Conceptos Básicos
An efficient algorithm to compute the Longest Common Prefix (LCP) array of a labeled graph, which enables efficient pattern matching and navigation on the graph's paths.
Resumen
The paper presents an efficient algorithm for computing the Longest Common Prefix (LCP) array of a labeled graph G with n nodes and m edges.
The key steps are:
Pre-processing: The input graph G is transformed into a deterministic Wheeler pseudoforest Gis that compactly encodes the lexicographically smallest and largest strings entering each node of G. This step runs in O(min{m log n, m + n^2}) time on arbitrary labeled graphs, and in O(m) time on Wheeler semi-DFAs.
LCP Computation: A new compact-space algorithm is introduced to compute the reduced LCP array LCP*_Gis of the Wheeler pseudoforest Gis in O(n log σ) time and O(n log σ) bits of working space, where σ is the alphabet size.
Post-processing: The LCP array of the original graph G is derived from the LCP*_Gis array in O(m) time and O(m) words of space.
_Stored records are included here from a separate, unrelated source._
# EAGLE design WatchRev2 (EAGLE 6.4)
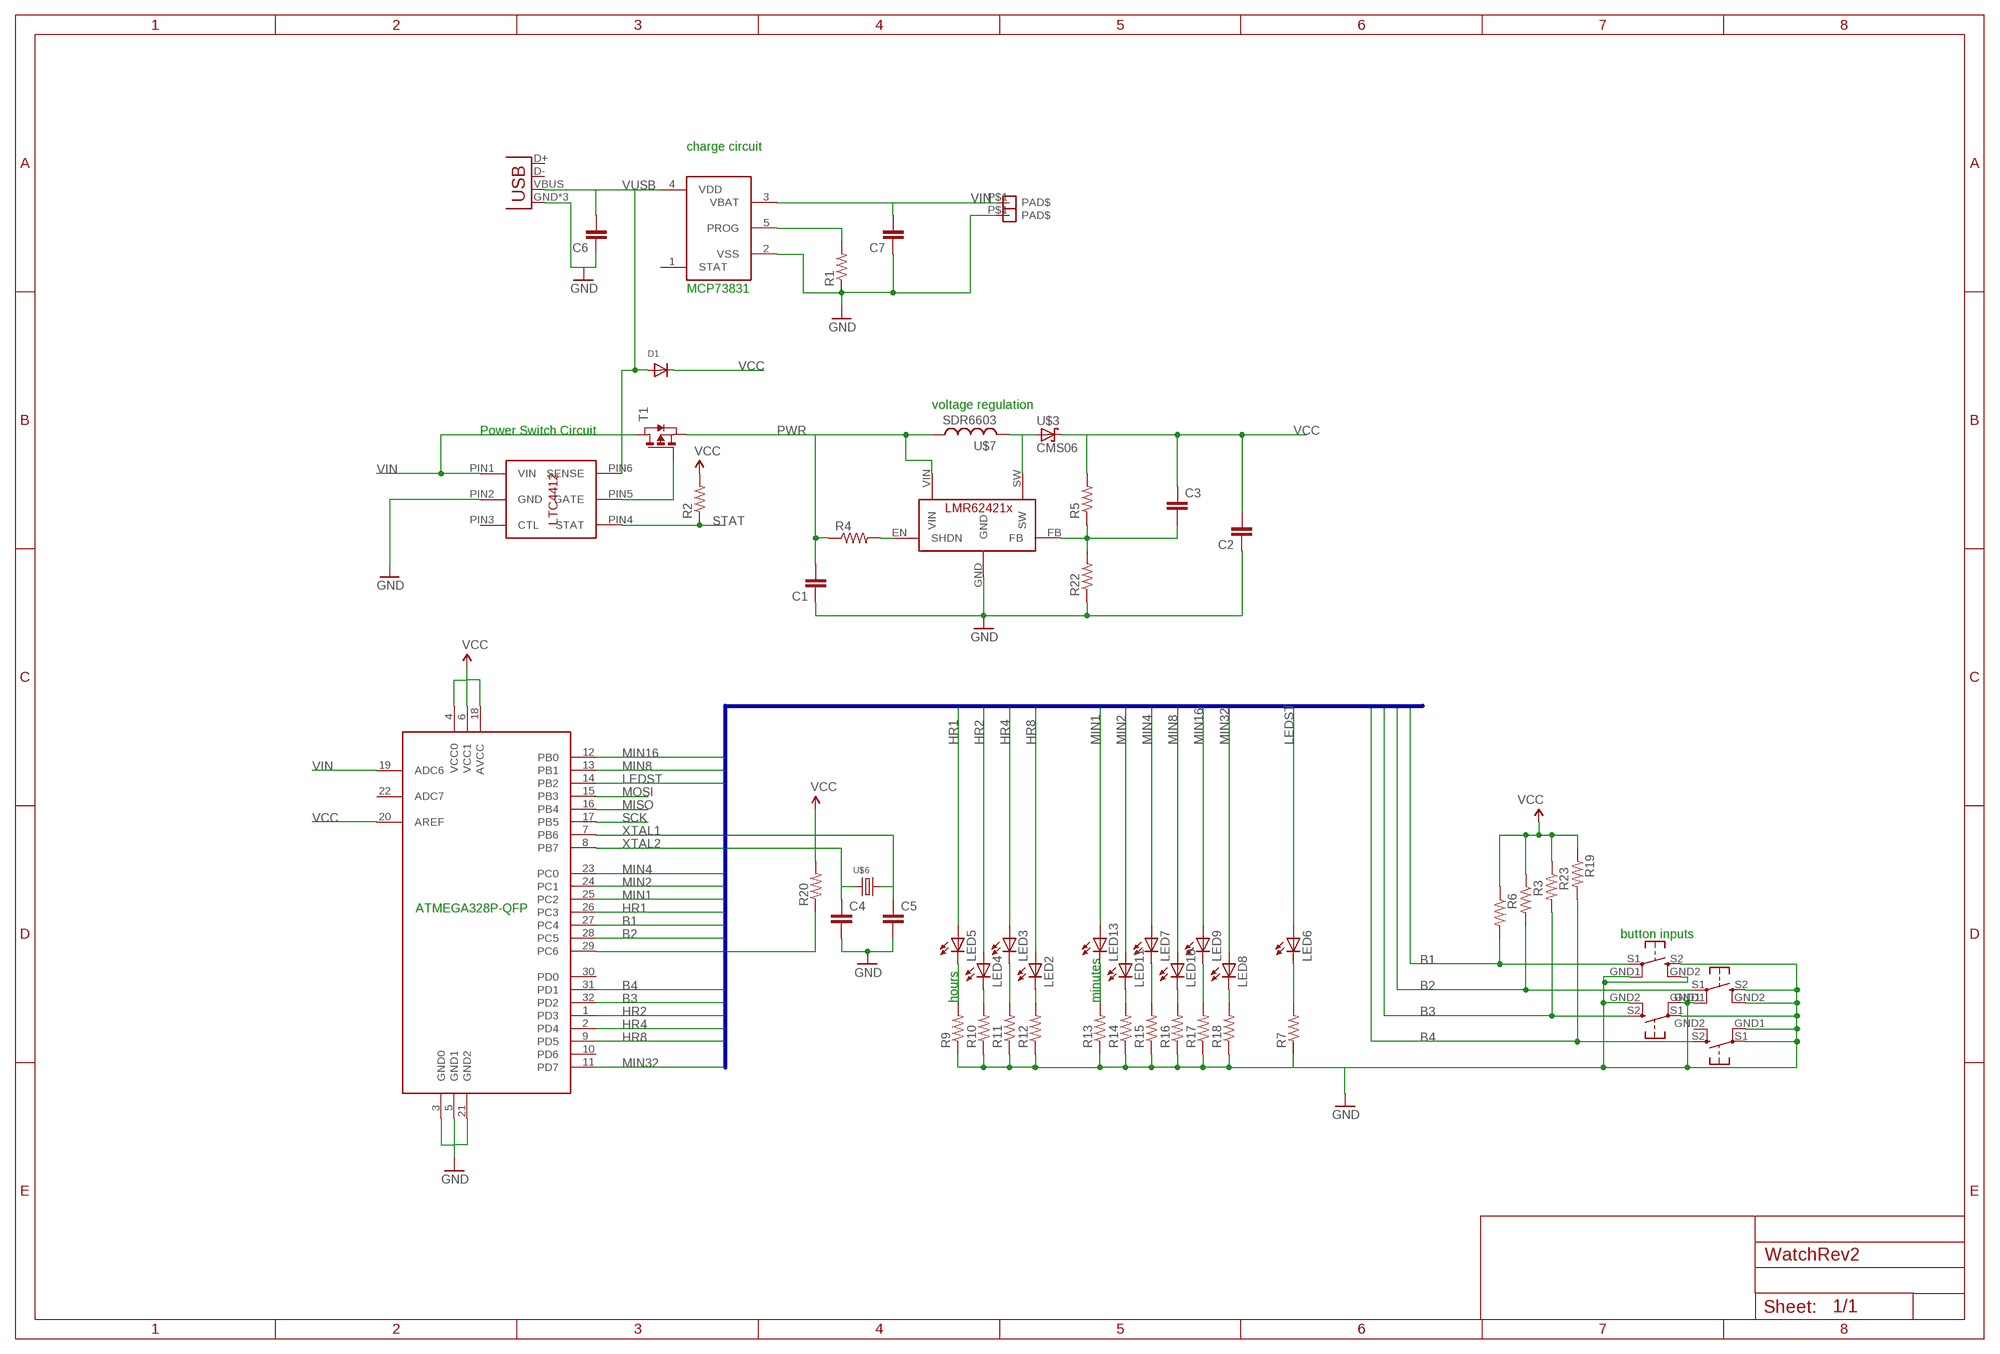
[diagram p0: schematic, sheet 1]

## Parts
C1  CAP0603-CAP  [0603-CAP]
C2  CAP0603-CAP  [0603-CAP]
C3  CAP0603-CAP  [0603-CAP]
C4  CAP0603-CAP  [0603-CAP]
C5  CAP0603-CAP  [0603-CAP]
C6  CAP0603-CAP  [0603-CAP]
C7  CAP0603-CAP  [0603-CAP]
D1  DIODESOD-123  [SOD-123]
JP5  USB-MICROB  [USB-MICROB]
LED2  LEDCHIPLED_1206  [CHIPLED_1206]
LED3  LEDCHIPLED_1206  [CHIPLED_1206]
LED4  LEDCHIPLED_1206  [CHIPLED_1206]
LED5  LEDCHIPLED_1206  [CHIPLED_1206]
LED6  LEDCHIPLED_0603  [CHIPLED_0603]
LED7  LEDCHIPLED_1206  [CHIPLED_1206]
LED8  LEDCHIPLED_1206  [CHIPLED_1206]
LED9  LEDCHIPLED_1206  [CHIPLED_1206]
LED10  LEDCHIPLED_1206  [CHIPLED_1206]
LED11  LEDCHIPLED_1206  [CHIPLED_1206]
LED13  LEDCHIPLED_1206  [CHIPLED_1206]
R1  RESISTOR0603-RES  [0603-RES]
R2  RESISTOR0603-RES  [0603-RES]
R3  RESISTOR0603-RES  [0603-RES]
R4  RESISTOR0603-RES  [0603-RES]
R5  RESISTOR0603-RES  [0603-RES]
R6  RESISTOR0603-RES  [0603-RES]
R7  RESISTOR0603-RES  [0603-RES]
R9  RESISTOR0603-RES  [0603-RES]
R10  RESISTOR0603-RES  [0603-RES]
R11  RESISTOR0603-RES  [0603-RES]
R12  RESISTOR0603-RES  [0603-RES]
R13  RESISTOR0603-RES  [0603-RES]
R14  RESISTOR0603-RES  [0603-RES]
R15  RESISTOR0603-RES  [0603-RES]
R16  RESISTOR0603-RES  [0603-RES]
R17  RESISTOR0603-RES  [0603-RES]
R18  RESISTOR0603-RES  [0603-RES]
R19  RESISTOR0603-RES  [0603-RES]
R20  RESISTOR0603-RES  [0603-RES]
R22  RESISTOR0603-RES  [0603-RES]
R23  RESISTOR0603-RES  [0603-RES]
T1  PMOSSOT23  [SOT-23]
U$1  ATMEGA328P  [TQFP32-08]
U$2  LMR62421X  [SOT-23_5PIN]
U$3  CMS06  [SOD-128]
U$4  MCP73831  [SOT-23_5GEN]
U$5  LTC4412  [LTC4412]
U$6  ECX-39  [ECX-39]
U$7  SDR6603  [SDR6603]
U$8  PAD  [PAD]
U$9  PAD  [PAD]
U$10  RA_TAC_BUTTON  [RA_TAC_BUTTON]
U$11  RA_TAC_BUTTON  [RA_TAC_BUTTON]
U$12  RA_TAC_BUTTON  [RA_TAC_BUTTON]
U$13  RA_TAC_BUTTON  [RA_TAC_BUTTON]

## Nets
B1: R6.2 U$1.27(PC4) U$10.S1
B2: R3.2 U$1.28(PC5) U$11.S1
B3: R23.2 U$1.32(PD2) U$12.S2
B4: R19.2 U$1.31(PD1) U$13.S2
GND: C1.1 C2.1 C4.2 C5.2 C6.1 C7.1 JP5.GND JP5.MT1(GND) JP5.MT2(GND) R1.1 R7.1 R9.1 R10.1 R11.1 R12.1 R13.1 R14.1 R15.1 R16.1 R17.1 R18.1 R22.1 U$1.3(GND0) U$1.5(GND1) U$1.21(GND2) U$2.GND U$4.2(VSS) U$5.PIN2(GND) U$9.P$1(PAD$) U$10.GND1 U$10.GND2 U$10.S2 U$11.GND1 U$11.GND2 U$11.S2 U$12.GND1 U$12.GND2 U$12.S1 U$13.GND1 U$13.S1
HR1: LED5.A U$1.26(PC3)
HR2: LED4.A U$1.1(PD3)
HR4: LED3.A U$1.2(PD4)
HR8: LED2.A U$1.9(PD5)
LEDST: LED6.A U$1.14(PB2)
MIN1: LED13.A U$1.25(PC2)
MIN2: LED11.A U$1.24(PC1)
MIN4: LED7.A U$1.23(PC0)
MIN8: LED10.A U$1.13(PB1)
MIN16: LED9.A U$1.12(PB0)
MIN32: LED8.A U$1.11(PD7)
MISO: U$1.16(PB4)
MOSI: U$1.15(PB3)
N$2: LED5.C R9.2
N$3: U$2.SW U$3.2(A) U$7.P$2
N$4: LED4.C R10.2
N$5: LED6.C R7.2
N$6: C3.2 R5.1 R22.2 U$2.FB
N$7: LED3.C R11.2
N$8: LED2.C R12.2
N$9: R4.2 U$2.EN(SHDN)
N$10: LED13.C R13.2
N$11: LED11.C R14.2
N$12: LED7.C R15.2
N$13: LED10.C R16.2
N$14: LED9.C R17.2
N$15: LED8.C R18.2
N$16: R20.1 U$1.29(PC6)
N$19: T1.3(G) U$5.PIN5(GATE)
N$21: R1.2 U$4.5(PROG)
PWR: C1.2 R4.1 T1.2(S) U$2.VIN U$7.P$1
SCK: U$1.17(PB5)
STAT: R2.1 U$5.PIN4(STAT)
VCC: C2.2 C3.1 D1.C R2.2 R3.1 R5.2 R6.1 R19.1 R20.2 R23.1 U$1.4(VCC0) U$1.6(VCC1) U$1.18(AVCC) U$1.20(AREF) U$3.1(C)
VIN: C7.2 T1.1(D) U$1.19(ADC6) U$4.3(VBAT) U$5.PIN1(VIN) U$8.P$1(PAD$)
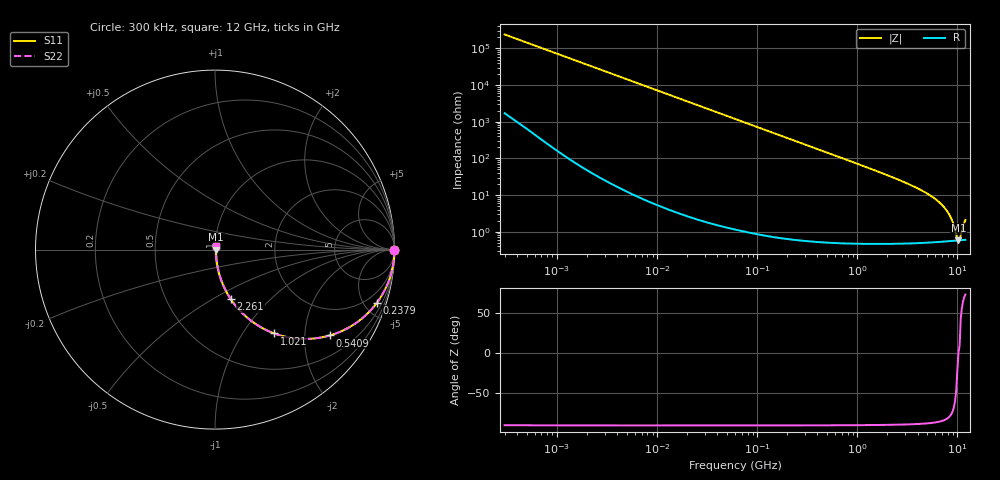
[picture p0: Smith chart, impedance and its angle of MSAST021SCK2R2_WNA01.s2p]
! MSAST021SCK2R2_WNA01  S-PARAMETER MODEL  ( General Type )
! Model Generated by TAIYO YUDEN Corporation (http://www.ty-top.com)
! Version 2.0
! TAIYO YUDEN Control No. 181101
! Copyright(c) 2015 TAIYO YUDEN CO.,LTD. All Rights Reserved.
! Product Description (link to TY-COMPAS)
! https://ds.yuden.co.jp/TYCOMPAS/or/detail?pn=MSAST021SCK2R2BWNA01&u=M
! Products Name : Multilayer Ceramic Capacitors
! Characteristics :
!  Capacitance : 2.2 pF , Rated Voltage : 25V , TCC : CK / C0K
!  Case Size : 0.25 x 0.125 / 0.0098 x 0.0049 [mm/inch] , Thickness : 0.125 / 0.0049 [mm/inch]
!  (Conditions: Temperature = 25 degC , DC Bias Current/Voltage = 0A / 0V)
! External Node Assignments :
!  1  o---| |---o  2
! GND o---------o GND
! Frequency Range : 0.3MHz  -  12000MHz  [ 401 STEP ]
# MHz S RI R 50
! Freq[MHz].  S11 Real  S11 Imag  S21 Real  S21 Imag  S12 Real  S12 Imag  S22 Real  S22 Imag
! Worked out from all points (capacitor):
!   401 points, 300 kHz to 12 GHz, reference 50 ohm
!   read as one part in series: C = 2.2 pF near 316.3 kHz
!   lowest |Z| = 580 mohm at 10.24 GHz (marker M1)
!   series resonance near 10.23 GHz, so ESL is about 110 pH
!   S11 on the Smith chart (normalised r, x): 300 kHz: open; 237.9 MHz: 1.01, -6.08; 540.9 MHz: 1.01, -2.67; 1.021 GHz: 1.01, -1.40; 2.261 GHz: 1.01, -0.61; 12 GHz: 1.01, +0.04
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0.3  1 -0.000415  3.12e-06 0.000415  3.12e-06 0.000415  1 -0.000415
1.769972  1 -0.00245  9.46e-06 0.00245  9.46e-06 0.00245  1 -0.00245
10.44266  0.9998 -0.0144  0.000219 0.0144  0.000219 0.0144  0.9998 -0.0144
60  0.9931 -0.0824  0.00691 0.0824  0.00691 0.0824  0.9931 -0.0824
122.6847  0.9718 -0.1648  0.0282 0.1648  0.0282 0.1648  0.9718 -0.1648
237.9135  0.9018 -0.2966  0.0982 0.2966  0.0982 0.2966  0.9018 -0.2966
353.9943  0.8058 -0.3943  0.1942 0.3943  0.1942 0.3943  0.8058 -0.3943
540.8523  0.6397 -0.4782  0.3603 0.4782  0.3603 0.4782  0.6397 -0.4782
743.2595  0.4839 -0.4973  0.5161 0.4973  0.5161 0.4973  0.4839 -0.4973
1021.415  0.3306 -0.4671  0.6694 0.4671  0.6694 0.4671  0.3306 -0.4671
2088.533  0.1025 -0.2963  0.8975 0.2963  0.8975 0.2963  0.1025 -0.2963
2261.293  0.0881 -0.2759  0.9119 0.2759  0.9119 0.2759  0.0881 -0.2759
4385.161  0.0223 -0.1304  0.9777 0.1304  0.9777 0.1304  0.0223 -0.1304
6699.894  0.00888 -0.0599  0.9911 0.0599  0.9911 0.0599  0.00888 -0.0599
7448.838  0.00733 -0.044  0.9927 0.044  0.9927 0.044  0.00733 -0.044
8281.503  0.00632 -0.0286  0.9937 0.0286  0.9937 0.0286  0.00632 -0.0286
8966.534  0.0059 -0.0173  0.9941 0.0173  0.9941 0.0173  0.0059 -0.0173
9968.853  0.00574 -0.00223  0.9943 0.00223  0.9943 0.00223  0.00574 -0.00223
10236.47  0.00577 6.32e-05  0.9942 -6.32e-05  0.9942 -6.32e-05  0.00577 6.32e-05
10793.46  0.00588 0.00568  0.9941 -0.00568  0.9941 -0.00568  0.00588 0.00568
11380.75  0.00607 0.0125  0.9939 -0.0125  0.9939 -0.0125  0.00607 0.0125
12000  0.00637 0.0197  0.9936 -0.0197  0.9936 -0.0197  0.00637 0.0197

The overall algorithm computes the LCP array of the input graph G in O(n log σ + min{m log n, m + n^2}) time and O(m) words of space. If G is a Wheeler semi-DFA, the running time reduces to O(n log σ + m).
The authors also show that the natural generalization of a previous compact-space LCP-construction algorithm by Beller et al. runs in Ω(nσ) time on pseudoforests, motivating the need for their new algorithm.